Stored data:

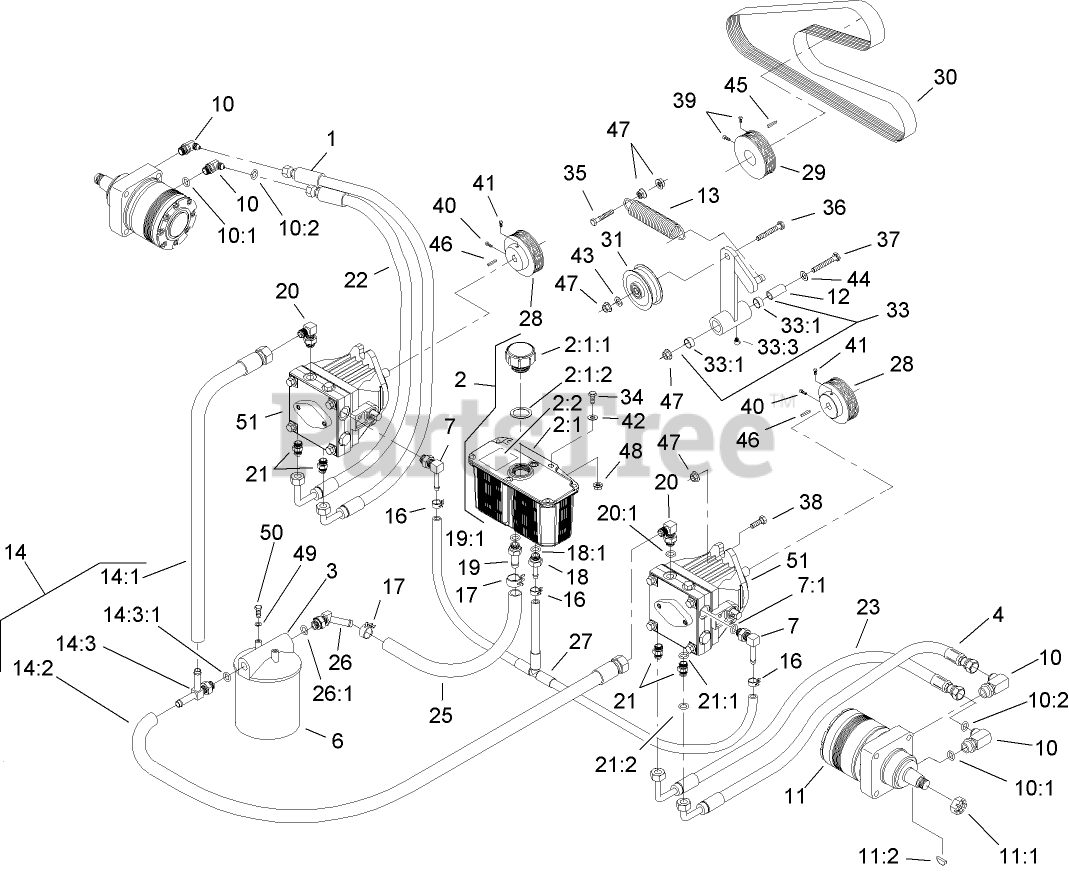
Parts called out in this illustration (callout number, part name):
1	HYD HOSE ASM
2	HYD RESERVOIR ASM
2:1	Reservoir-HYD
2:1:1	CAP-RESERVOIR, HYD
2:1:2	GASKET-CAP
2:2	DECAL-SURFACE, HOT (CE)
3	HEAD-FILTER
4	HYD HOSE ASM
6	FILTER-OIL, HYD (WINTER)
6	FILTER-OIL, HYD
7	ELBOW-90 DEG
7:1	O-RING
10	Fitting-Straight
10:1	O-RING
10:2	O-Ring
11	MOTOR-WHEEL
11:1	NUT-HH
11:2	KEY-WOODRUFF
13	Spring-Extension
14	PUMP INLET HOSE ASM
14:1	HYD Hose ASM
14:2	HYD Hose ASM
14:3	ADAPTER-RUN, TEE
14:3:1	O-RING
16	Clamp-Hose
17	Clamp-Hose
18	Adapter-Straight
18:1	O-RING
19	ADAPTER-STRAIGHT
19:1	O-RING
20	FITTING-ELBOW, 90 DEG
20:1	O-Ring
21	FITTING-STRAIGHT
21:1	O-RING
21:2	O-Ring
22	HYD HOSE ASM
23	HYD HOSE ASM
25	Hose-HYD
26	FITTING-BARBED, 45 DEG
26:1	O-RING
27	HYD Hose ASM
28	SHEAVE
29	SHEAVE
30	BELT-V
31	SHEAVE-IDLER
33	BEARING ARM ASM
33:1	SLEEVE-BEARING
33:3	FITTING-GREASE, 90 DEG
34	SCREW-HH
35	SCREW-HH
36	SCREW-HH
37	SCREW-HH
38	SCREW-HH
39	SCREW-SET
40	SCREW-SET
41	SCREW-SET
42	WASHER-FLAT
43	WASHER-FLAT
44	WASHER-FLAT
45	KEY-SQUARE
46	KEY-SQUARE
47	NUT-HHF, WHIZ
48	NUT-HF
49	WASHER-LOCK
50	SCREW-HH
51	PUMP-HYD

▸ Assignment
In your copy of the entries above, leave out the pictures and keep every word exact.

▸ Exercise answer
Parts called out in this illustration (callout number, part name):
1	HYD HOSE ASM
2	HYD RESERVOIR ASM
2:1	Reservoir-HYD
2:1:1	CAP-RESERVOIR, HYD
2:1:2	GASKET-CAP
2:2	DECAL-SURFACE, HOT (CE)
3	HEAD-FILTER
4	HYD HOSE ASM
6	FILTER-OIL, HYD (WINTER)
6	FILTER-OIL, HYD
7	ELBOW-90 DEG
7:1	O-RING
10	Fitting-Straight
10:1	O-RING
10:2	O-Ring
11	MOTOR-WHEEL
11:1	NUT-HH
11:2	KEY-WOODRUFF
13	Spring-Extension
14	PUMP INLET HOSE ASM
14:1	HYD Hose ASM
14:2	HYD Hose ASM
14:3	ADAPTER-RUN, TEE
14:3:1	O-RING
16	Clamp-Hose
17	Clamp-Hose
18	Adapter-Straight
18:1	O-RING
19	ADAPTER-STRAIGHT
19:1	O-RING
20	FITTING-ELBOW, 90 DEG
20:1	O-Ring
21	FITTING-STRAIGHT
21:1	O-RING
21:2	O-Ring
22	HYD HOSE ASM
23	HYD HOSE ASM
25	Hose-HYD
26	FITTING-BARBED, 45 DEG
26:1	O-RING
27	HYD Hose ASM
28	SHEAVE
29	SHEAVE
30	BELT-V
31	SHEAVE-IDLER
33	BEARING ARM ASM
33:1	SLEEVE-BEARING
33:3	FITTING-GREASE, 90 DEG
34	SCREW-HH
35	SCREW-HH
36	SCREW-HH
37	SCREW-HH
38	SCREW-HH
39	SCREW-SET
40	SCREW-SET
41	SCREW-SET
42	WASHER-FLAT
43	WASHER-FLAT
44	WASHER-FLAT
45	KEY-SQUARE
46	KEY-SQUARE
47	NUT-HHF, WHIZ
48	NUT-HF
49	WASHER-LOCK
50	SCREW-HH
51	PUMP-HYD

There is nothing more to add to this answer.